Similarly, the SEC filed a lawsuit against the founder of EtherDelta, claiming he was operating an unregistered exchange.
On January 14, 2020, the SEC urged investors to be cautious about promises made in relation to IEOs. The alert explained that IEOs are similar to initial coin offerings in that they are offerings of digital assets to raise capital, but hyped as an innovation over ICOs because they are offered directly by trading platforms.
The SEC also warned that IEOs offered outside the U.S might be attempting to evade securities laws in the country, and they could be misleading to investors.
2019’s Top IEO Launchpads
Huobi Prime
Singapore-based exchange, Huobi Global, unveiled “Huobi Prime” in March 2019, with the launch platform having already hosted 7 projects in a period of just several months.
Huobi Prime started off with project TOP Network, an open communication network that raised $8M via Houbi Prime.
While the pioneering launch platform has no IEOs continuing at the moment, most of Huobi Primes’ recently-closed sales have reached their projected hard caps.
Coineal
Coineal is a large crypto exchange with 101 pairs and around $550 million 24-hour trading volumes. The exchange began offering IEOs in March of last year and has already had approximately 28 IEOs on the platform since its launch.
One of the first IEOs on Coineal was ZeroBank, a blockchain-based legal ecosystem for international money transfers.
A more recent project that closed in July 2019 is Sessia, a social marketplace with CRM, SMM, and logistics management tools for businesses. The sale was hoping to raise $50 million with tokens costing 1.50 USD/KICKS. Full token sales haven’t been unveiled yet.
Vivarium, another IEO that closed in September, hoped to raise $5 million through Coineal so as to provide a virtual reality ecosystem for businesses.
Diamond Open Market is the sole project open currently on Coineal, and it is aiming to create an EOS network to trade naturally grown diamonds.
What Lies Ahead For IEOs?
It’s hard to say for sure, but the future will surely be shaped by how the crypto community self-policies, how regulatory bodies do (or don’t) intervene, and how effectively blockchain projects themselves create viable use cases.
That said, results in the recent past affirm that IEOs work as a fund-raising tool. For example, KuCoin’s IEO platform (KuCoin Spotlight), recently sold out its MultiVac IEO in less than a minute, raising over $16 million.
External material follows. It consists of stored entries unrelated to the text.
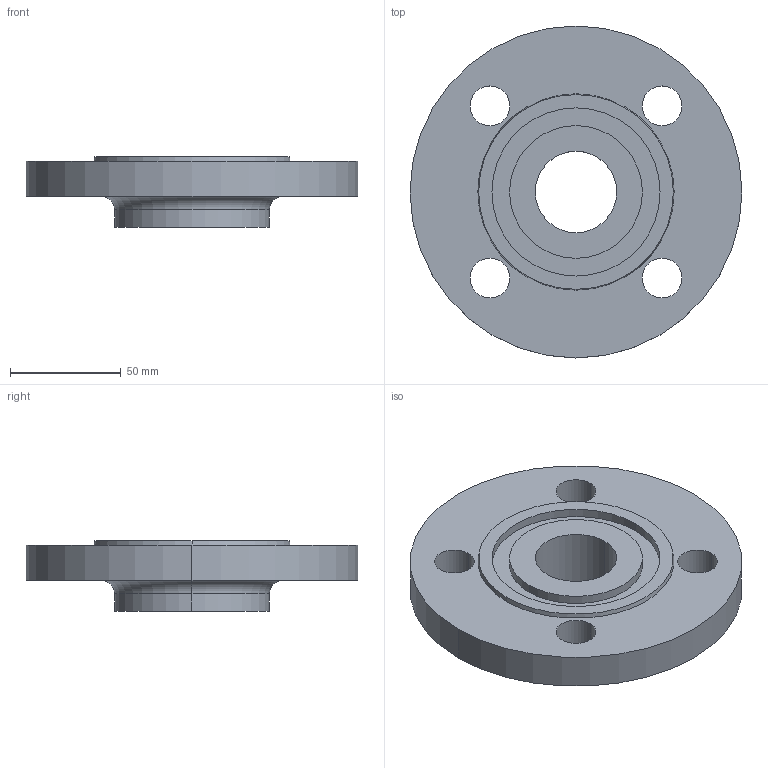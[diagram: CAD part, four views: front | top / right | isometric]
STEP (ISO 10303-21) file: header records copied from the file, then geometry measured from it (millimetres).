
FILE_DESCRIPTION (( 'STEP AP214' ), '1' );
FILE_NAME ('PN40 DN40 Type 13 - Type D Face.STEP', '2018-12-30T04:18:52', ( '' ), ( '' ), 'SwSTEP 2.0', 'SolidWorks 2019', '' );
FILE_SCHEMA (( 'AUTOMOTIVE_DESIGN' ));
Length unit declared in the file: millimetre
Products named in the file (1): PN40 DN40 Type 13 - Type D Face
Bounding box: 150 x 150 x 32 mm (x, y, z)
Volume: 293578.5 mm3; surface area: 50742.4 mm2
Topology: 1 solids, 1 shells, 28 faces, 64 edges, 42 vertices
Faces by surface type: cylinder 18, plane 6, torus 2, cone 2
Entity records: 870 total; most frequent: DIRECTION 166, CARTESIAN_POINT 135, ORIENTED_EDGE 128, AXIS2_PLACEMENT_3D 73, EDGE_CURVE 64, CIRCLE 44, VERTEX_POINT 42, EDGE_LOOP 42

Likewise, Hong Kong Corporation Percival raised over $35M via its IEO collaboration with Coineal.
For the crypto exchanges themselves, IEOs can be rewarding because the exchanges charge partners sign-on levies and get a share of each successful token sale.
Final Thoughts
IEOs typically mean more revenues for exchanges, as they host a token sale by doing the vetting process for a fee. Exchanges also get payments when the token begins trading on their platform.
Market observers believe that IEOs came at a time when cryptocurrency exchanges struggled as digital currencies slumped, and crypto buyers reduced. IEOs gave crypto some form of a lifeline.
However, the SEC has warned of offshore trading platforms that attempt to avoid regulatory scrutiny in the U.S by claiming an offering to be outside the country’s securities laws.
This can leave investors without important info about the IEO issuer, the token being offered, and arrangements between the exchanges and IEO issuers that would be helpful to investors trying to decide whether to invest in an IEO or not.